EXERCISE BRIEF – From the records below, copy out exactly the lines from the one containing "Hot Water Size = 0 mm" to the one containing "(2283.563, -388.258, 0), Show", both included. Add nothing else.
*** INPUT RECORDS Section Begins ***
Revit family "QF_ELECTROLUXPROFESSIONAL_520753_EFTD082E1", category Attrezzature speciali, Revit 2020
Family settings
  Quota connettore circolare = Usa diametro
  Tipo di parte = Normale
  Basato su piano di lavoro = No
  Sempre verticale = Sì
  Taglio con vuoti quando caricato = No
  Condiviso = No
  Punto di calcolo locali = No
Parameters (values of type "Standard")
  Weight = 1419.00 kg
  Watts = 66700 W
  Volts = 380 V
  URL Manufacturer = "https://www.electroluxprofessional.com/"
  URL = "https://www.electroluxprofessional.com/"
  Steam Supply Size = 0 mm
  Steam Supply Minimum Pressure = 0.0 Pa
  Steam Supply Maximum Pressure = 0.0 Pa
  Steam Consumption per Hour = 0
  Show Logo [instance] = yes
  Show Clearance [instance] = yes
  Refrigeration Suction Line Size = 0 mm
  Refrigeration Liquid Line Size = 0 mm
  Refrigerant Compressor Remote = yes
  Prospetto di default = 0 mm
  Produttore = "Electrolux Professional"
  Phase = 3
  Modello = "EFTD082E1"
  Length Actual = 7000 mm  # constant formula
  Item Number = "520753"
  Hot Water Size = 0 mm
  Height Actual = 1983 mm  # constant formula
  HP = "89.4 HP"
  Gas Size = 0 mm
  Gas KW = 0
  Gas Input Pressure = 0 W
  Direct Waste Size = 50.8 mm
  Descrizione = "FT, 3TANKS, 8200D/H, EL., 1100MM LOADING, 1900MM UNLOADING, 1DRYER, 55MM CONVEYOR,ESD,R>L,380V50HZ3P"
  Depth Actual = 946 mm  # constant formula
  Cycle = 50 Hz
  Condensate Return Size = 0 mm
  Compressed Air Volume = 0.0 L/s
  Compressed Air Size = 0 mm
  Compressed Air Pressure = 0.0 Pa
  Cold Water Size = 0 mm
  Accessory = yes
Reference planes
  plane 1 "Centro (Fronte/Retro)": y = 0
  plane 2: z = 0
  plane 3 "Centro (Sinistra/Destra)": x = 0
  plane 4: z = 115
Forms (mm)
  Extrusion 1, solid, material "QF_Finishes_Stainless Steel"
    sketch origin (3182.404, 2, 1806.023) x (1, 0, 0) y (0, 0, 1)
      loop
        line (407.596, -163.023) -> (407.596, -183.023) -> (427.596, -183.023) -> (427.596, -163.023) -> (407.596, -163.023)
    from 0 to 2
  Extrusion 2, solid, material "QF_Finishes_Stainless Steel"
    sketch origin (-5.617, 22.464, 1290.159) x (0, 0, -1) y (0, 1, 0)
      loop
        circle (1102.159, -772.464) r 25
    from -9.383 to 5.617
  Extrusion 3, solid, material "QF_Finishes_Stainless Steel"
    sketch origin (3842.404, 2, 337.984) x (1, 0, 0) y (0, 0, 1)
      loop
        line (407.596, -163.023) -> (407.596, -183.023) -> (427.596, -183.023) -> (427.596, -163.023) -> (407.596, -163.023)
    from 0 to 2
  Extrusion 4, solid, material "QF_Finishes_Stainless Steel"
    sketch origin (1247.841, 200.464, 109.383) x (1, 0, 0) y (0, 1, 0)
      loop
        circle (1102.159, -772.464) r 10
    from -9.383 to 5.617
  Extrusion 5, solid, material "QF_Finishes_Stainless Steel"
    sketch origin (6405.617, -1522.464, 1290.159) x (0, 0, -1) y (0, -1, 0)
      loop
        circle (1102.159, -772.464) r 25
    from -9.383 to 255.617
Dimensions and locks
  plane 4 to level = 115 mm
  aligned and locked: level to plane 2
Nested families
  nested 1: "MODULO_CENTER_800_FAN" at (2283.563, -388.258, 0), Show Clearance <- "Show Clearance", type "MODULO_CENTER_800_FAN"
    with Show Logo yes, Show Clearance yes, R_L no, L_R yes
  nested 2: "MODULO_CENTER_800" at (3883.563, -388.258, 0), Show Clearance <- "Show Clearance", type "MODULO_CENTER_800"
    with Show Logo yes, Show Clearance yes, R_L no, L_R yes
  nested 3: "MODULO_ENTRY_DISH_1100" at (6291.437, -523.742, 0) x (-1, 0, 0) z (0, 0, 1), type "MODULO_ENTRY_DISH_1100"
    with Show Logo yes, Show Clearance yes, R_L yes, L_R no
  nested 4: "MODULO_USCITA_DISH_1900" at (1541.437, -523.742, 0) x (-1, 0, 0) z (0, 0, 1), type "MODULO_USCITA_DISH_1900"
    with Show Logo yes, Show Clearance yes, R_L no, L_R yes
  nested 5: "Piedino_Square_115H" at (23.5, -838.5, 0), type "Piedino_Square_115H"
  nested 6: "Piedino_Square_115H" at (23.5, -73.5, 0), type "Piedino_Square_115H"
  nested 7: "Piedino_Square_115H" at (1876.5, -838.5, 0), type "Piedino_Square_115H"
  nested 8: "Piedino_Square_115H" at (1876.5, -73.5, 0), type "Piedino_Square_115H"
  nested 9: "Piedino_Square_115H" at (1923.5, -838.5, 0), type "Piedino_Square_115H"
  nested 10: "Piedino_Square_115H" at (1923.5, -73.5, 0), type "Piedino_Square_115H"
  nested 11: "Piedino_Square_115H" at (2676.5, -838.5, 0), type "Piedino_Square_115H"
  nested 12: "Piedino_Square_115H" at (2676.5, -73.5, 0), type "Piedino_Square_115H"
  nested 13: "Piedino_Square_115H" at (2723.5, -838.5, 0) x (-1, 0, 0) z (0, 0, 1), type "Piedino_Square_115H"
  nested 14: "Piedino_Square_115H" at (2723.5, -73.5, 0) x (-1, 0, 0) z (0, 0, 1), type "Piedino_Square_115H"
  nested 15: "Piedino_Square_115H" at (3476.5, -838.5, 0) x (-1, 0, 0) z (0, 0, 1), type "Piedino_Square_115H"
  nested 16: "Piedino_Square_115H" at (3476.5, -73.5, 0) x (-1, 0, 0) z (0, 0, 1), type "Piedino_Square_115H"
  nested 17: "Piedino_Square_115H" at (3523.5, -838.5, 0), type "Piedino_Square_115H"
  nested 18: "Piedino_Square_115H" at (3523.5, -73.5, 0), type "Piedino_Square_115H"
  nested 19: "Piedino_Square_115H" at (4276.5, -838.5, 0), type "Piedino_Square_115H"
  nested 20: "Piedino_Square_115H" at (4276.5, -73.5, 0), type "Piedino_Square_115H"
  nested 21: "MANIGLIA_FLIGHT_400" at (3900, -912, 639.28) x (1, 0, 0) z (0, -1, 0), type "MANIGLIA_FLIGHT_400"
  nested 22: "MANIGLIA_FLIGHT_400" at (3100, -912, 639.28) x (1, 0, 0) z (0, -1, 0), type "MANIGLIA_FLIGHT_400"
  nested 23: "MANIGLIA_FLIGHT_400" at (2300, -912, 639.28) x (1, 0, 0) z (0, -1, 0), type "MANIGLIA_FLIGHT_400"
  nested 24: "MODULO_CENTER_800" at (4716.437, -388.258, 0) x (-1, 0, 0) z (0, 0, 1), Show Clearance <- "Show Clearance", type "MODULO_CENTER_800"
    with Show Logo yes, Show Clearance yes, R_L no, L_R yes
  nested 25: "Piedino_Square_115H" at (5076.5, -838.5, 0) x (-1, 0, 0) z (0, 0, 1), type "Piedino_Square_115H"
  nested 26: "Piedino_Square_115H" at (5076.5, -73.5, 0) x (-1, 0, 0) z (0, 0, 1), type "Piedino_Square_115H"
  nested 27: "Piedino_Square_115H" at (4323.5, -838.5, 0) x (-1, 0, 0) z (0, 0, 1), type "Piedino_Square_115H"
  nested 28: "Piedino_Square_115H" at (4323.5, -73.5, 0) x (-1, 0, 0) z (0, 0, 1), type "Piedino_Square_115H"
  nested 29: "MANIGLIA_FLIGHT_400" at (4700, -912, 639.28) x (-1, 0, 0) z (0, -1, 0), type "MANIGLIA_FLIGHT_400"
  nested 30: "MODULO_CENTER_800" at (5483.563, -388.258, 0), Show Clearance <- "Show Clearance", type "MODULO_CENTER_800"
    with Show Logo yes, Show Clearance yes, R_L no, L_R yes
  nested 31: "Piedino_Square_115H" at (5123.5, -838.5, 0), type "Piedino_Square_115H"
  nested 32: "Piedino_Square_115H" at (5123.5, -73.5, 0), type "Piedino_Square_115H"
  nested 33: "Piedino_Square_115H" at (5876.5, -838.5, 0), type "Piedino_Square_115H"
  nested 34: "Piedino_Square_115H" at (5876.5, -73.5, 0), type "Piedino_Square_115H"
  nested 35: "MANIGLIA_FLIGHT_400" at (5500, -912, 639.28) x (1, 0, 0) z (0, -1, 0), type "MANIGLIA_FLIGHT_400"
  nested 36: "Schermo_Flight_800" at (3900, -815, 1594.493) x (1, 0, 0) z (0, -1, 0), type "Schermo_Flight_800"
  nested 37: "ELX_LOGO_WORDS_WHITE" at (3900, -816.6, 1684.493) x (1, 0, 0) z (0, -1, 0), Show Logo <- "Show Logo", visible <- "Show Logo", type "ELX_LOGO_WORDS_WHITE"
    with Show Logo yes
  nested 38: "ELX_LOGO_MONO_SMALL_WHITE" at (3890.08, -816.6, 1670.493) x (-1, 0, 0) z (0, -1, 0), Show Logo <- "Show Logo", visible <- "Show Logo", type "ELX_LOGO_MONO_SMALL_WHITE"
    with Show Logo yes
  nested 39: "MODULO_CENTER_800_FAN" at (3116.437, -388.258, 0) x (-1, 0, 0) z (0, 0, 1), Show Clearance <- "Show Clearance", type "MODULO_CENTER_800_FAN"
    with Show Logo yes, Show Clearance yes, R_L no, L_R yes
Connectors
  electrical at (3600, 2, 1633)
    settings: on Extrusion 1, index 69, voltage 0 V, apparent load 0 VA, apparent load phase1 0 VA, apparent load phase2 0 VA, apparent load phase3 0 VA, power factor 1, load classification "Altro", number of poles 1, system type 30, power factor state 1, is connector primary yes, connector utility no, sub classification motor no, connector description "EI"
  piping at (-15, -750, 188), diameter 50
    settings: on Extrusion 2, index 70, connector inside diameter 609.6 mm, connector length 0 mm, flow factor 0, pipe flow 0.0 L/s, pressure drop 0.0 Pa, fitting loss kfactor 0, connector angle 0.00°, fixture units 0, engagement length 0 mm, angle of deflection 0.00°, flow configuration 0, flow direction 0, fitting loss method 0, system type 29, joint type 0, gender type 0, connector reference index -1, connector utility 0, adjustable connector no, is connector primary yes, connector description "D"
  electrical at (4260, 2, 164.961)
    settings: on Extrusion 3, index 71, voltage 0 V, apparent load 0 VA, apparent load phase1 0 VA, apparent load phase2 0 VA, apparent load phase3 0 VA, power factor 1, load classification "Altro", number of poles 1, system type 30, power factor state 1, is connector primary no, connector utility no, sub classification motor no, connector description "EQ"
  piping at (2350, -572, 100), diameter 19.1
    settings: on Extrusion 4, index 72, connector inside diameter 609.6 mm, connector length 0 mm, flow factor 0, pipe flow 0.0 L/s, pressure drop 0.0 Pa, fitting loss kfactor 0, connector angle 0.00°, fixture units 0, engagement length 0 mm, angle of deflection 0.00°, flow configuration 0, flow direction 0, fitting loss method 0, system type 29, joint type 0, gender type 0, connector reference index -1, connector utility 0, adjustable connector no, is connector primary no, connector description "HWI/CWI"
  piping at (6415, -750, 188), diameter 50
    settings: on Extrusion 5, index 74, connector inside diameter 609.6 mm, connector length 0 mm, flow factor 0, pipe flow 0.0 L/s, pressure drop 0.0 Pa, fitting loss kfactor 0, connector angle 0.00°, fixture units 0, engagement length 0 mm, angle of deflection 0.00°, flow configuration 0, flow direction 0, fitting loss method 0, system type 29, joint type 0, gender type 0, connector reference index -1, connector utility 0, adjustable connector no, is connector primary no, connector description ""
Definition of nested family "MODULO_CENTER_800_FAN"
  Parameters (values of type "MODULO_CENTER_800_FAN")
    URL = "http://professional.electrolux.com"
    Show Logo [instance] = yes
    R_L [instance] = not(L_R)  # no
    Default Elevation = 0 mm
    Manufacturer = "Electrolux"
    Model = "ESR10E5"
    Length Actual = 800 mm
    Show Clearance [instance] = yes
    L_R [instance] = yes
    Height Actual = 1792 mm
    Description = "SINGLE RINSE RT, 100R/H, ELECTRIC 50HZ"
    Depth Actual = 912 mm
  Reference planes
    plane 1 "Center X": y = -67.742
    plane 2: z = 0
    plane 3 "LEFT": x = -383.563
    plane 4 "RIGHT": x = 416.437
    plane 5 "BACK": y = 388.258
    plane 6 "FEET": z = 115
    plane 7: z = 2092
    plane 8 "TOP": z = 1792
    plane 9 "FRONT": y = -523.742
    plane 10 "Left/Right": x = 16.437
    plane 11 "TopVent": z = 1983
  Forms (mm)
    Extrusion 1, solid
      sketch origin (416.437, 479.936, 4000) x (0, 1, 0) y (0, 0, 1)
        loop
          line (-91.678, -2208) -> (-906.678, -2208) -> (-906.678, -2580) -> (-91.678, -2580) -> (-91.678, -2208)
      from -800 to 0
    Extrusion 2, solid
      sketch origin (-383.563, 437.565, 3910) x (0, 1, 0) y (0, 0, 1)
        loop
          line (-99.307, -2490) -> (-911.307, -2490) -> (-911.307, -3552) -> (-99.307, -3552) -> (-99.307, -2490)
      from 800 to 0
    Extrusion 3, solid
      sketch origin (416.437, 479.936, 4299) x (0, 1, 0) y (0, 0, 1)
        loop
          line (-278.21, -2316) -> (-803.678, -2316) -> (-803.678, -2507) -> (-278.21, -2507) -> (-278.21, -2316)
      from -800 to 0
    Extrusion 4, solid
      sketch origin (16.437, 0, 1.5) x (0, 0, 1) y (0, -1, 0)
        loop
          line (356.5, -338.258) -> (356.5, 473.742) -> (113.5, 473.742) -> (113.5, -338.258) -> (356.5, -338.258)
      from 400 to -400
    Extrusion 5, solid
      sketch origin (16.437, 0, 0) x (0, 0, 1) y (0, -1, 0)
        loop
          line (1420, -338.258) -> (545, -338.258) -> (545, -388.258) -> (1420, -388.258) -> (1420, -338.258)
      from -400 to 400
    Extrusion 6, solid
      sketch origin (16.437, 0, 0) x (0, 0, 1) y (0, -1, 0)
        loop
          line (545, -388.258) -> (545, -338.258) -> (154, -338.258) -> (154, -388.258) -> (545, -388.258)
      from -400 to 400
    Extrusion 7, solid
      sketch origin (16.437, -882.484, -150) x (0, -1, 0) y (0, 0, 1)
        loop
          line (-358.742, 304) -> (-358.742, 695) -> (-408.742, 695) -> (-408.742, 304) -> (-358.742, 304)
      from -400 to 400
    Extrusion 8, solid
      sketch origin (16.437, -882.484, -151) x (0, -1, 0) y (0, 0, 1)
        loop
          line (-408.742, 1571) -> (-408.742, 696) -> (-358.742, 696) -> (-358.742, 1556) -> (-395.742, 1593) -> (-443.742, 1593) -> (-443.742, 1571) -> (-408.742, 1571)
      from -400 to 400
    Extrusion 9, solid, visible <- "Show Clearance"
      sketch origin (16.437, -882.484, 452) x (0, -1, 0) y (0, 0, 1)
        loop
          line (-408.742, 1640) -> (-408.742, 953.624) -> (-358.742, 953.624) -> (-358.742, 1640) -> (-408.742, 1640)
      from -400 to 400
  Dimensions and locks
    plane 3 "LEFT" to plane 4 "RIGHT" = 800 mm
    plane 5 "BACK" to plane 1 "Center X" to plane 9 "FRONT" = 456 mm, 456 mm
*** INPUT RECORDS Section Ends ***
RESULT OF THE EXERCISE –
  Hot Water Size = 0 mm
  Height Actual = 1983 mm  # constant formula
  HP = "89.4 HP"
  Gas Size = 0 mm
  Gas KW = 0
  Gas Input Pressure = 0 W
  Direct Waste Size = 50.8 mm
  Descrizione = "FT, 3TANKS, 8200D/H, EL., 1100MM LOADING, 1900MM UNLOADING, 1DRYER, 55MM CONVEYOR,ESD,R>L,380V50HZ3P"
  Depth Actual = 946 mm  # constant formula
  Cycle = 50 Hz
  Condensate Return Size = 0 mm
  Compressed Air Volume = 0.0 L/s
  Compressed Air Size = 0 mm
  Compressed Air Pressure = 0.0 Pa
  Cold Water Size = 0 mm
  Accessory = yes
Reference planes
  plane 1 "Centro (Fronte/Retro)": y = 0
  plane 2: z = 0
  plane 3 "Centro (Sinistra/Destra)": x = 0
  plane 4: z = 115
Forms (mm)
  Extrusion 1, solid, material "QF_Finishes_Stainless Steel"
    sketch origin (3182.404, 2, 1806.023) x (1, 0, 0) y (0, 0, 1)
      loop
        line (407.596, -163.023) -> (407.596, -183.023) -> (427.596, -183.023) -> (427.596, -163.023) -> (407.596, -163.023)
    from 0 to 2
  Extrusion 2, solid, material "QF_Finishes_Stainless Steel"
    sketch origin (-5.617, 22.464, 1290.159) x (0, 0, -1) y (0, 1, 0)
      loop
        circle (1102.159, -772.464) r 25
    from -9.383 to 5.617
  Extrusion 3, solid, material "QF_Finishes_Stainless Steel"
    sketch origin (3842.404, 2, 337.984) x (1, 0, 0) y (0, 0, 1)
      loop
        line (407.596, -163.023) -> (407.596, -183.023) -> (427.596, -183.023) -> (427.596, -163.023) -> (407.596, -163.023)
    from 0 to 2
  Extrusion 4, solid, material "QF_Finishes_Stainless Steel"
    sketch origin (1247.841, 200.464, 109.383) x (1, 0, 0) y (0, 1, 0)
      loop
        circle (1102.159, -772.464) r 10
    from -9.383 to 5.617
  Extrusion 5, solid, material "QF_Finishes_Stainless Steel"
    sketch origin (6405.617, -1522.464, 1290.159) x (0, 0, -1) y (0, -1, 0)
      loop
        circle (1102.159, -772.464) r 25
    from -9.383 to 255.617
Dimensions and locks
  plane 4 to level = 115 mm
  aligned and locked: level to plane 2
Nested families
  nested 1: "MODULO_CENTER_800_FAN" at (2283.563, -388.258, 0), Show Clearance <- "Show Clearance", type "MODULO_CENTER_800_FAN"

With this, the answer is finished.